Discrete curvature and abelian groups

TL;DR

This paper introduces a discrete curvature concept for graphs, especially abelian groups, and establishes inequalities linking spectral and isoperimetric properties, providing new insights into graph geometry and spectral bounds.

Contribution

It develops a computable discrete curvature notion for graphs, derives Buser-type inequalities, and bounds the Cheeger constant for abelian Cayley graphs.

Findings

Discrete curvature can be effectively computed for specific graphs.

Buser-type inequalities relate spectral gap and isoperimetric constants.
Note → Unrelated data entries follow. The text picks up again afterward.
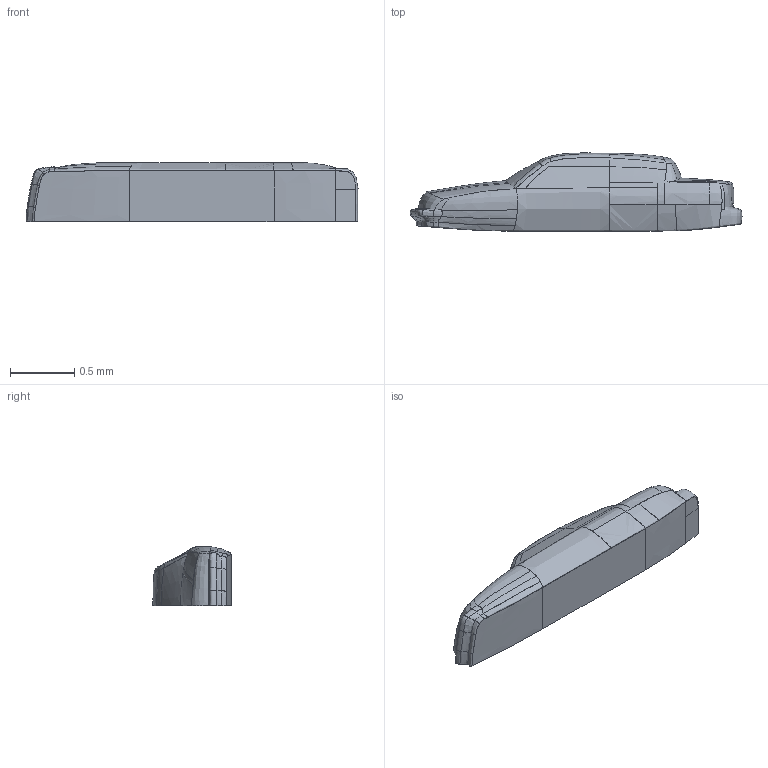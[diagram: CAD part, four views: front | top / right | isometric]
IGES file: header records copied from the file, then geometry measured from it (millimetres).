
Start section: IGES FILE DATA SOURCE = DDN PART ICEM PART NAME = SEDAN ICEM PART SHEET NUMBER = 1
Global section: file name: /home/sdg/geomesh/run/iges/sedan; native system: ICEM SYSTEMS - ICEM IGES; preprocessor: 3.3.01H; date: 971016.201653; units: millimetre
Bounding box: 2.58 x 0.61 x 0.46 mm (x, y, z)
Surface area: 3.3 mm2 (no closed solid volume)
Topology: 0 solids, 0 shells, 73 faces, 292 edges, 292 vertices
Faces by surface type: bspline 73
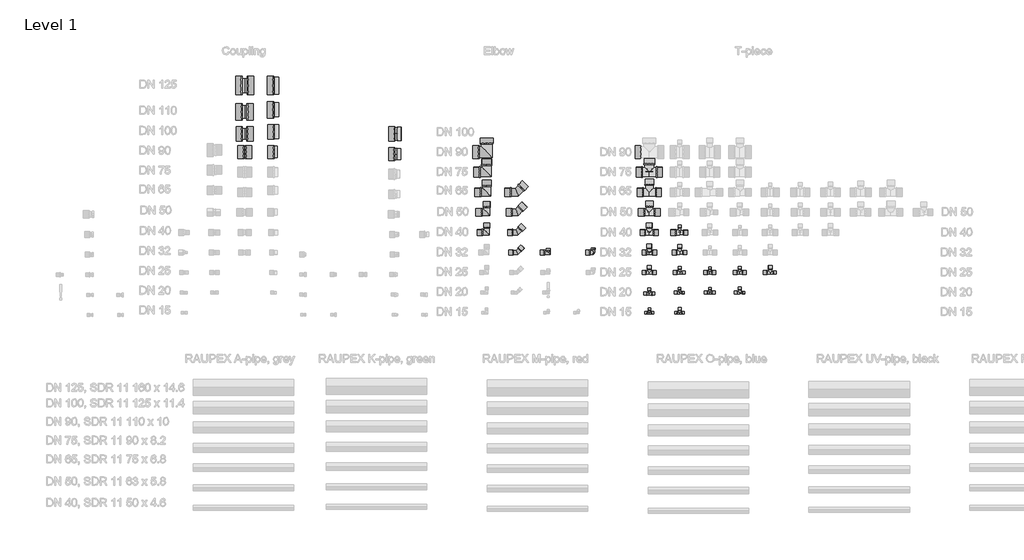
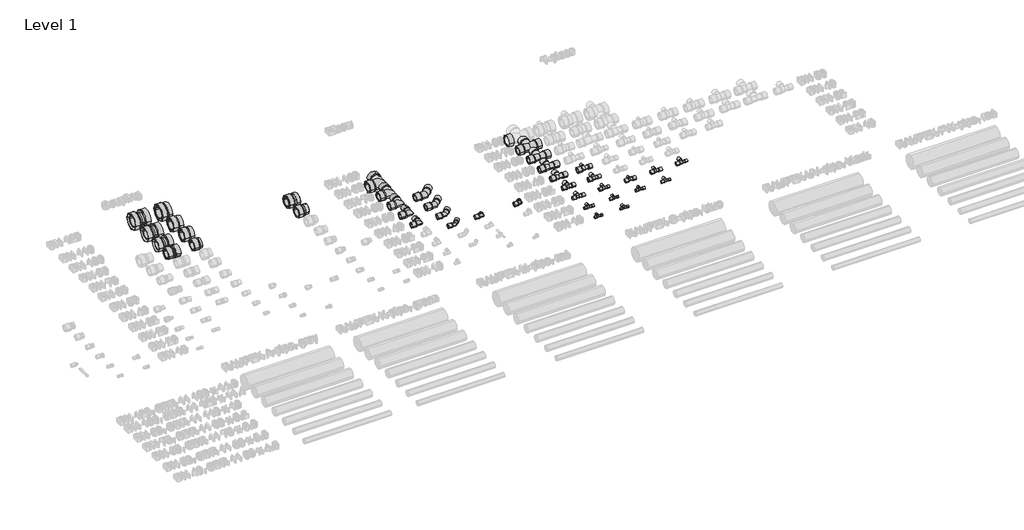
# One storey, part 4 of 16: 128 pipe fittings.
"""IFC4 building model written with IfcOpenShell, lengths in millimetres."""

from ifc_helpers import new_model, si_unit, origin, place, context, project, spatial, transform, mapped, element, save
from components import pipe_fitting_d056a93d, pipe_fitting_f6b20089, pipe_fitting_60fb9633, pipe_fitting_58d926c8, coupling_union_655df743, coupling_union_132477e5, coupling_union_b98a8659, coupling_union_d5728b00, elbow_sdr11_lx_elbow_sdr_11_lx_6126e5dd, elbow_sdr11_lx_elbow_sdr_11_lx_f17d2660, elbow_sdr11_lx_elbow_sdr_11_lx_ce320dea, elbow_sdr11_lx_elbow_sdr_11_lx_cb8a91fe, elbow_sdr11_lx_elbow_sdr_11_lx_393a3960, elbow_sdr11_lx_elbow_sdr_11_rx_da30d1f9, elbow_sdr11_lx_elbow_sdr_11_rx_8269fb62, elbow_sdr11_lx_elbow_sdr_11_rx_9d03f633, elbow_sdr11_lx_elbow_sdr_11_rx_2fe19cfb, elbow_adapter_sdr11_lx_elbow_adapter_sdr_11_lx_9b6015cc, elbow_adapter_with_union_nut_sdr_11_lx_84a4bca8, male_adapter_external_thread_sdr11_male_adapter_rx_6bbcd7e3, male_adapter_external_thread_sdr11_male_adapter_rx_e6c9b75a, sleeve_lx_11_2e170aa1, sleeve_lx_11_3fcb8560, sleeve_lx_11_f19e3dbf, sleeve_lx_11_b9b419b6, sleeve_lx_11_e5eab1a7, sleeve_lx_11_ddfe2885, sleeve_rx_11_7b1edd19, sleeve_rx_11_d7843ee1, sleeve_rx_11_d7b6a074, sleeve_rx_11_833a9f47, sleeve_rx_11_cce1b402, sleeve_rx_11_53dfce0b, t_piece_sdr11_lx_0c2399d6, t_piece_sdr11_lx_7e9e5686, t_piece_sdr11_lx_2a0a5856, t_piece_sdr11_lx_9701a7f1, t_piece_sdr11_lx_c61b86e7, t_piece_sdr11_lx_81dca7c0, t_piece_sdr11_lx_fe109eb9, t_piece_sdr11_lx_d24ca570, t_piece_sdr11_lx_0c38f34f, t_piece_sdr11_lx_75e13a52, t_piece_sdr11_lx_df0b7dc8, t_piece_sdr11_lx_472ff839, t_piece_sdr11_lx_571a734e, t_piece_sdr11_lx_4579e213, t_piece_sdr11_lx_62f51ed1, t_piece_sdr11_lx_d5a7428d, t_piece_sdr11_lx_t_piece_sdr11_rx_1e658908, t_piece_sdr11_lx_t_piece_sdr11_rx_ffd7d234

model = new_model("IFC4")

# Units and contexts
model_context = context("Model", 3, world=origin())
ifc_project = project(units=[si_unit("LENGTHUNIT", "METRE", prefix="MILLI")], contexts=[model_context])

# Site, building, storey
site = spatial("IfcSite", under=ifc_project)
building = spatial("IfcBuilding", under=site)
storey = spatial("IfcBuildingStorey", under=building, Name="Level 1", Elevation=0.0)

# Pipe fittings
placement = place(None, origin())
pipe_fitting_shape = pipe_fitting_d056a93d(model_context)
element("IfcPipeFitting", 1, ObjectType="Adapter with welding end : A welding RX", at=placement, inside=storey, context=model_context, shape_type="MappedRepresentation", body=[
    mapped(pipe_fitting_shape, transform((12403.1112925, 2700.5489138, 0.0), x_axis=(1.0, 0.0, 0.0), y_axis=(0.0, 1.0, 0.0), z_axis=(0.0, 0.0, 1.0))),
])
pipe_fitting_2_shape = pipe_fitting_f6b20089(model_context)
element("IfcPipeFitting", 2, ObjectType="Adapter with welding end : A welding RX", at=placement, inside=storey, context=model_context, shape_type="MappedRepresentation", body=[
    mapped(pipe_fitting_2_shape, transform((12403.1112925, 2040.5489138, 0.0), x_axis=(1.0, 0.0, 0.0), y_axis=(0.0, 1.0, 0.0), z_axis=(0.0, 0.0, 1.0))),
])
pipe_fitting_3_shape = pipe_fitting_60fb9633(model_context)
element("IfcPipeFitting", 3, ObjectType="Adapter with welding end : A welding RX", at=placement, inside=storey, context=model_context, shape_type="MappedRepresentation", body=[
    mapped(pipe_fitting_3_shape, transform((12403.1112925, 2240.5489138, 0.0), x_axis=(1.0, 0.0, 0.0), y_axis=(0.0, 1.0, 0.0), z_axis=(0.0, 0.0, 1.0))),
])
pipe_fitting_4_shape = pipe_fitting_58d926c8(model_context)
element("IfcPipeFitting", 4, ObjectType="Adapter with welding end : A welding RX", at=placement, inside=storey, context=model_context, shape_type="MappedRepresentation", body=[
    mapped(pipe_fitting_4_shape, transform((12403.1112925, 2460.5489138, 0.0), x_axis=(1.0, 0.0, 0.0), y_axis=(0.0, 1.0, 0.0), z_axis=(0.0, 0.0, 1.0))),
])
coupling_union_shape = coupling_union_655df743(model_context)
element("IfcPipeFitting", 5, ObjectType="Coupling union : C EQ SDR11 RX", at=placement, inside=storey, context=model_context, shape_type="MappedRepresentation", body=[
    mapped(coupling_union_shape, transform((12103.1112925, 2700.5489138, 0.0), x_axis=(1.0, 0.0, 0.0), y_axis=(0.0, 1.0, 0.0), z_axis=(0.0, 0.0, 1.0))),
])
coupling_union_2_shape = coupling_union_132477e5(model_context)
element("IfcPipeFitting", 6, ObjectType="Coupling union : C EQ SDR11 RX", at=placement, inside=storey, context=model_context, shape_type="MappedRepresentation", body=[
    mapped(coupling_union_2_shape, transform((12103.1112925, 2040.5489138, 0.0), x_axis=(1.0, 0.0, 0.0), y_axis=(0.0, 1.0, 0.0), z_axis=(0.0, 0.0, 1.0))),
])
coupling_union_3_shape = coupling_union_b98a8659(model_context)
element("IfcPipeFitting", 7, ObjectType="Coupling union : C EQ SDR11 RX", at=placement, inside=storey, context=model_context, shape_type="MappedRepresentation", body=[
    mapped(coupling_union_3_shape, transform((12103.1112925, 2220.5489138, 0.0), x_axis=(1.0, 0.0, 0.0), y_axis=(0.0, 1.0, 0.0), z_axis=(0.0, 0.0, 1.0))),
])
coupling_union_4_shape = coupling_union_d5728b00(model_context)
element("IfcPipeFitting", 8, ObjectType="Coupling union : C EQ SDR11 RX", at=placement, inside=storey, context=model_context, shape_type="MappedRepresentation", body=[
    mapped(coupling_union_4_shape, transform((12103.1112925, 2440.5489138, 0.0), x_axis=(1.0, 0.0, 0.0), y_axis=(0.0, 1.0, 0.0), z_axis=(0.0, 0.0, 1.0))),
])
elbow_sdr11_lx_elbow_sdr_11_lx_shape = elbow_sdr11_lx_elbow_sdr_11_lx_6126e5dd(model_context)
element("IfcPipeFitting", 9, ObjectType="Elbow SDR11 LX : Elbow SDR 11 LX", at=placement, inside=storey, context=model_context, shape_type="MappedRepresentation", body=[
    mapped(elbow_sdr11_lx_elbow_sdr_11_lx_shape, transform((14509.6158086, 1240.5489138, 0.0), x_axis=(1.0, 0.0, 0.0), y_axis=(0.0, 1.0, 0.0), z_axis=(0.0, 0.0, 1.0))),
])
elbow_sdr11_lx_elbow_sdr_11_lx_2_shape = elbow_sdr11_lx_elbow_sdr_11_lx_f17d2660(model_context)
element("IfcPipeFitting", 10, ObjectType="Elbow SDR11 LX : Elbow SDR 11 LX", at=placement, inside=storey, context=model_context, shape_type="MappedRepresentation", body=[
    mapped(elbow_sdr11_lx_elbow_sdr_11_lx_2_shape, transform((14509.6158086, 1440.5489138, 0.0), x_axis=(1.0, 0.0, 0.0), y_axis=(0.0, 1.0, 0.0), z_axis=(0.0, 0.0, 1.0))),
])
elbow_sdr11_lx_elbow_sdr_11_lx_3_shape = elbow_sdr11_lx_elbow_sdr_11_lx_ce320dea(model_context)
element("IfcPipeFitting", 11, ObjectType="Elbow SDR11 LX : Elbow SDR 11 LX", at=placement, inside=storey, context=model_context, shape_type="MappedRepresentation", body=[
    mapped(elbow_sdr11_lx_elbow_sdr_11_lx_3_shape, transform((14809.6158086, 1040.5489138, 0.0), x_axis=(1.0, 0.0, 0.0), y_axis=(0.0, 1.0, 0.0), z_axis=(0.0, 0.0, 1.0))),
])
elbow_sdr11_lx_elbow_sdr_11_lx_4_shape = elbow_sdr11_lx_elbow_sdr_11_lx_cb8a91fe(model_context)
element("IfcPipeFitting", 12, ObjectType="Elbow SDR11 LX : Elbow SDR 11 LX", at=placement, inside=storey, context=model_context, shape_type="MappedRepresentation", body=[
    mapped(elbow_sdr11_lx_elbow_sdr_11_lx_4_shape, transform((14809.6158086, 1240.5489138, 0.0), x_axis=(1.0, 0.0, 0.0), y_axis=(0.0, 1.0, 0.0), z_axis=(0.0, 0.0, 1.0))),
])
elbow_sdr11_lx_elbow_sdr_11_lx_5_shape = elbow_sdr11_lx_elbow_sdr_11_lx_393a3960(model_context)
element("IfcPipeFitting", 13, ObjectType="Elbow SDR11 LX : Elbow SDR 11 LX", at=placement, inside=storey, context=model_context, shape_type="MappedRepresentation", body=[
    mapped(elbow_sdr11_lx_elbow_sdr_11_lx_5_shape, transform((14809.6158086, 1440.5489138, 0.0), x_axis=(1.0, 0.0, 0.0), y_axis=(0.0, 1.0, 0.0), z_axis=(0.0, 0.0, 1.0))),
])
elbow_sdr11_lx_elbow_sdr_11_rx_shape = elbow_sdr11_lx_elbow_sdr_11_rx_da30d1f9(model_context)
element("IfcPipeFitting", 14, ObjectType="Elbow SDR11 LX : Elbow SDR 11 RX", at=placement, inside=storey, context=model_context, shape_type="MappedRepresentation", body=[
    mapped(elbow_sdr11_lx_elbow_sdr_11_rx_shape, transform((14509.6158086, 1640.5489138, 0.0), x_axis=(1.0, 0.0, 0.0), y_axis=(0.0, 1.0, 0.0), z_axis=(0.0, 0.0, 1.0))),
])
elbow_sdr11_lx_elbow_sdr_11_rx_2_shape = elbow_sdr11_lx_elbow_sdr_11_rx_8269fb62(model_context)
element("IfcPipeFitting", 15, ObjectType="Elbow SDR11 LX : Elbow SDR 11 RX", at=placement, inside=storey, context=model_context, shape_type="MappedRepresentation", body=[
    mapped(elbow_sdr11_lx_elbow_sdr_11_rx_2_shape, transform((14509.6158086, 1840.5489138, 0.0), x_axis=(1.0, 0.0, 0.0), y_axis=(0.0, 1.0, 0.0), z_axis=(0.0, 0.0, 1.0))),
])
elbow_sdr11_lx_elbow_sdr_11_rx_3_shape = elbow_sdr11_lx_elbow_sdr_11_rx_9d03f633(model_context)
element("IfcPipeFitting", 16, ObjectType="Elbow SDR11 LX : Elbow SDR 11 RX", at=placement, inside=storey, context=model_context, shape_type="MappedRepresentation", body=[
    mapped(elbow_sdr11_lx_elbow_sdr_11_rx_3_shape, transform((14509.6158086, 2040.5489138, 0.0), x_axis=(1.0, 0.0, 0.0), y_axis=(0.0, 1.0, 0.0), z_axis=(0.0, 0.0, 1.0))),
])
elbow_sdr11_lx_elbow_sdr_11_rx_4_shape = elbow_sdr11_lx_elbow_sdr_11_rx_2fe19cfb(model_context)
element("IfcPipeFitting", 17, ObjectType="Elbow SDR11 LX : Elbow SDR 11 RX", at=placement, inside=storey, context=model_context, shape_type="MappedRepresentation", body=[
    mapped(elbow_sdr11_lx_elbow_sdr_11_rx_4_shape, transform((14809.6158086, 1640.5489138, 0.0), x_axis=(1.0, 0.0, 0.0), y_axis=(0.0, 1.0, 0.0), z_axis=(0.0, 0.0, 1.0))),
])
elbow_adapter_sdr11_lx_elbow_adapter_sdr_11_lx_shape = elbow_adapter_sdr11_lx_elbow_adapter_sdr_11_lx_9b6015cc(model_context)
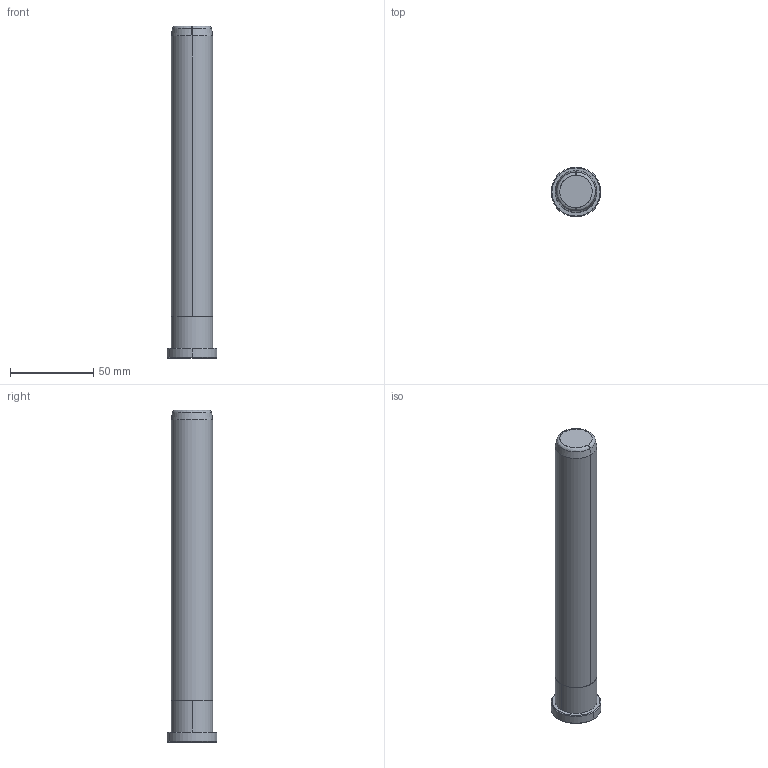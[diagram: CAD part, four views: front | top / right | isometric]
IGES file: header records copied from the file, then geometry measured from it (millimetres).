
Start section: START RECORD GO HERE.
Global section: file name: B85825200.igs; native system: DASSAULT SYSTEMES CATIA V5 R20 - www.3ds.com; preprocessor: CATIA Version 5 Release 20 ; author: Utente; organization: NB04-ASUS; date: 20200419.205213; units: millimetre
Bounding box: 30 x 30 x 200 mm (x, y, z)
Surface area: 17026.8 mm2 (no closed solid volume)
Topology: 0 solids, 0 shells, 20 faces, 80 edges, 80 vertices
Faces by surface type: revolution 16, plane 4
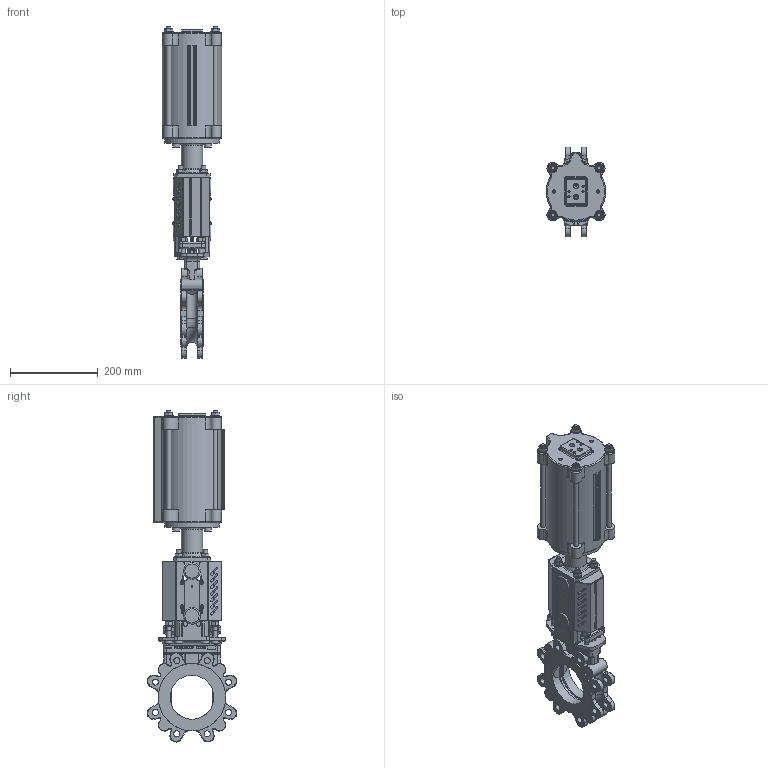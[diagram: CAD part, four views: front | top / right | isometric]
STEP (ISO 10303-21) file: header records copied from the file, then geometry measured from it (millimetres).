
FILE_DESCRIPTION(/* description */ (''),/* implementation_level */ '2;1');
FILE_NAME(/* name */ 'F:\Emir\3D-block special\WB\WB14E-DN100-PN10-FRSC125-115.stp',/* time_stamp */ '2018-04-17T11:14:57+02:00',/* author */ ('emimus'),/* organization */ (''),/* preprocessor_version */ 'ST-DEVELOPER v17',/* originating_system */ 'Autodesk Inventor 2018',/* authorisation */ '');
FILE_SCHEMA (('CONFIG_CONTROL_DESIGN'));
Products named in the file (1): WB14E-DN100-PN10-FRSC125-115
Bounding box: 135 x 203.52 x 754.76 mm (x, y, z)
Volume: 3135658.5 mm3; surface area: 891331.6 mm2
Topology: 2 solids, 2 shells, 3135 faces, 8226 edges, 5180 vertices
Faces by surface type: plane 1316, cylinder 785, bspline 435, torus 314, cone 221, sphere 64
Full cylindrical faces by diameter (mm): 3 x5, 3.6 x2, 4 x6, 4.134 x4, 4.2 x16, 4.5 x8, 6 x2, 6.4 x2, 6.647 x2, 7 x1, 8 x7, 8.2 x4, 8.376 x4, 9 x2, 10 x34, 10.5 x12, 11 x16, 11.445 x2, 13 x4, 13.835 x16, 15 x6, 16 x6, 17.7 x1, 18 x2, 18.376 x1, 20 x13, 24 x4, 28 x4, 30 x1, 30.1 x2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
Entity records: 106347 total; most frequent: CARTESIAN_POINT 30608, ORIENTED_EDGE 16336, DIRECTION 15367, EDGE_CURVE 8168, AXIS2_PLACEMENT_3D 5797, VERTEX_POINT 5180, LINE 3773, VECTOR 3773

Cheeger constant bounds are tight for abelian Cayley graphs.

Abstract

We study a natural discrete Bochner-type inequality on graphs, and explore its merit as a notion of curvature in discrete spaces. An appealing feature of this discrete version seems to be that it is fairly straightforward to compute this notion of curvature parameter for several specific graphs of interest - particularly, abelian groups, slices of the hypercube, and the symmetric group under various sets of generators. We further develop this notion by deriving Buser-type inequalities (a la Ledoux), relating functional and isoperimetric constants associated with a graph. Our derivations provide a tight bound on the Cheeger constant (i.e., the edge-isoperimetric constant) in terms of the spectral gap, for graphs with nonnegative curvature, particularly, the class of abelian Cayley graphs - a result of independent interest.